Disclaimer: This is a work-in-progress, there may be errors. If you find a flaw, please let me know via email.

Please feel free to bookmark and share this page.

## My most used commands:

**help gen**

help is a command in stata that will show you information about any command. In this example, you will get help for the commend, “gen.”

**clear**

this command clear all of the loaded data in Stata

**set obs 50**

sets the number of observations to 50

**gen newvar = oldvar1^2 * oldvar2**

generate a new variable per observation, which has the value of ‘oldvar1’ squared, multiplied by ‘oldvar2’.

**gen newvar = _n**

generate a new variable per observation, the values of zero to the value of the last observation

**egen var2=std(var1)**

‘egen’ allows you to do complex calculations, like finding the standard deviation of another variable.

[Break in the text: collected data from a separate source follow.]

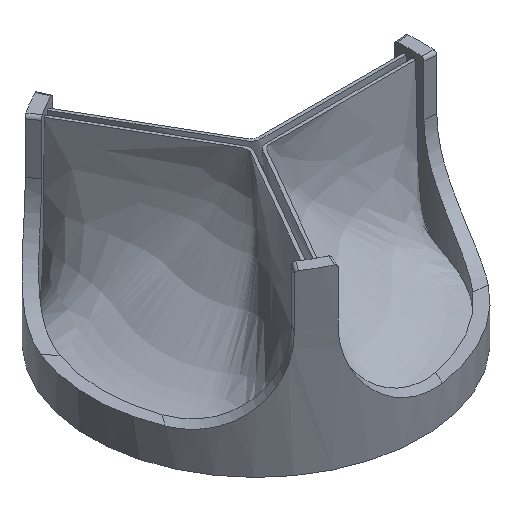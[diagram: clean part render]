
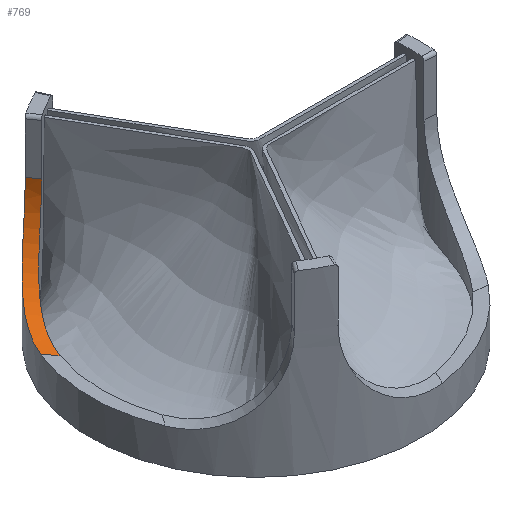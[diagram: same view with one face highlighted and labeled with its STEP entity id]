
A CAD part, isometric view. The second image highlights one B-rep face of the part: STEP entity #769.
In plain terms, the highlighted cylindrical face has radius 7.5 mm (diameter 15 mm), a partial arc.
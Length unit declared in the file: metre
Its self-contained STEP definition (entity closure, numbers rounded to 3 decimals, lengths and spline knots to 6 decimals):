
#39=CYLINDRICAL_SURFACE('',#844,0.0075);
#87=LINE('',#2533,#129);
#109=LINE('',#2609,#151);
#129=VECTOR('',#921,1.);
#151=VECTOR('',#981,1.);
#372=ORIENTED_EDGE('',*,*,#451,.F.);
#373=ORIENTED_EDGE('',*,*,#499,.F.);
#374=ORIENTED_EDGE('',*,*,#512,.F.);
#375=ORIENTED_EDGE('',*,*,#468,.F.);
#451=EDGE_CURVE('',#564,#565,#630,.T.);
#468=EDGE_CURVE('',#565,#579,#87,.T.);
#499=EDGE_CURVE('',#599,#564,#109,.F.);
#512=EDGE_CURVE('',#579,#599,#648,.T.);
#564=VERTEX_POINT('',#2465);
#565=VERTEX_POINT('',#2473);
#579=VERTEX_POINT('',#2530);
#599=VERTEX_POINT('',#2608);
#630=B_SPLINE_CURVE_WITH_KNOTS('',3,(#2466,#2467,#2468,#2469,#2470,#2471,
#2472),.UNSPECIFIED.,.F.,.F.,(4,1,1,1,4),(0.,0.003047,0.006093,
0.00914,0.012186),.UNSPECIFIED.);
#648=B_SPLINE_CURVE_WITH_KNOTS('',3,(#2664,#2665,#2666,#2667,#2668,#2669,
#2670),.UNSPECIFIED.,.F.,.F.,(4,1,1,1,4),(0.,0.003029,
0.006058,0.009088,0.012117),
 .UNSPECIFIED.);
#685=EDGE_LOOP('',(#372,#373,#374,#375));
#727=FACE_BOUND('',#685,.T.);
#769=ADVANCED_FACE('',(#727),#39,.F.);
#844=AXIS2_PLACEMENT_3D('',#2679,#1006,#1007);
#921=DIRECTION('',(-0.582,0.814,0.));
#981=DIRECTION('',(-0.582,0.814,0.));
#1006=DIRECTION('',(0.582,-0.814,0.));
#1007=DIRECTION('',(0.814,0.582,0.));
#2465=CARTESIAN_POINT('',(-0.007589,0.010617,0.009));
#2466=CARTESIAN_POINT('',(-0.007589,0.010617,0.009));
#2467=CARTESIAN_POINT('',(-0.007589,0.010617,0.00797));
#2468=CARTESIAN_POINT('',(-0.007939,0.010378,0.005941));
#2469=CARTESIAN_POINT('',(-0.009324,0.009226,0.003379));
#2470=CARTESIAN_POINT('',(-0.011053,0.007145,0.001788));
#2471=CARTESIAN_POINT('',(-0.011971,0.005298,0.0015));
#2472=CARTESIAN_POINT('',(-0.012312,0.004327,0.0015));
#2473=CARTESIAN_POINT('',(-0.012312,0.004327,0.0015));
#2530=CARTESIAN_POINT('',(-0.01301,0.005304,0.0015));
#2533=CARTESIAN_POINT('',(-0.014272,0.007069,0.0015));
#2608=CARTESIAN_POINT('',(-0.00817,0.01143,0.009));
#2609=CARTESIAN_POINT('',(-0.007601,0.010633,0.009));
#2664=CARTESIAN_POINT('',(-0.01301,0.005304,0.0015));
#2665=CARTESIAN_POINT('',(-0.012624,0.006251,0.0015));
#2666=CARTESIAN_POINT('',(-0.011644,0.008043,0.001803));
#2667=CARTESIAN_POINT('',(-0.009893,0.010062,0.003405));
#2668=CARTESIAN_POINT('',(-0.008516,0.011194,0.005958));
#2669=CARTESIAN_POINT('',(-0.00817,0.01143,0.007976));
#2670=CARTESIAN_POINT('',(-0.00817,0.01143,0.009));
#2679=CARTESIAN_POINT('',(-0.006101,-0.004361,0.009));

**replace var1=0 if var1==.**

this command will replace all observations of ‘var1’ that have a missing value, with the value ‘0’.

**replace var1=0 if var1==. if othervar==1 | othervar==3**

this command will replace all observations of ‘var1’ that have a missing value, with the value ‘0’, if and only if either ‘othervar’ has a value of ‘1’ or ‘3’.

**recode newvar 1=0 2=0 3=0 4=1 5=1**

this command turns all ‘newvar’ values that were 1, 2, or 3, into ‘0’. And all values of ‘4’ and ‘5’ into ‘1’.

**drop freq year**

this command drop the variable ‘freq’ and ‘year’ from the dataset

**keep freq year**

this command drops everything else except for the variable ‘freq’ and ‘year’ from the dataset

**rename var1 newVARname**

this command renames the variable ‘var1’ to ‘newVARname’

**label variable newVARname “New Variable Label”**

this command allows you to label the variable ‘newVARname’ the way you want it to appear in graphs and tables

**label define newVARnameLABELS 0 “low” 1 “medium” 2 “high”**

this command assigns labels to the values of 0, 1, and 2.

**label values newVARname newVARnameLABELS**

this command allows you to apply the attribute labels to the variable ‘newVARname’ with the labels defined in ‘newVARnameLABELS’

**list in 3/5 if gender==1**

lists all observations between observation 3 and 5 where the variable ‘gender’ has a value of ‘1’

**order var1 var3**

this command places ‘var1’ and ‘var3’ as the first and second column in the dataset

**sum comp if gender==0 & race==1**

this command does a basic statistical analysis of all observations where the variable ‘gender’ has a value of ‘0’ and the variable ‘race’ has a value of ‘1’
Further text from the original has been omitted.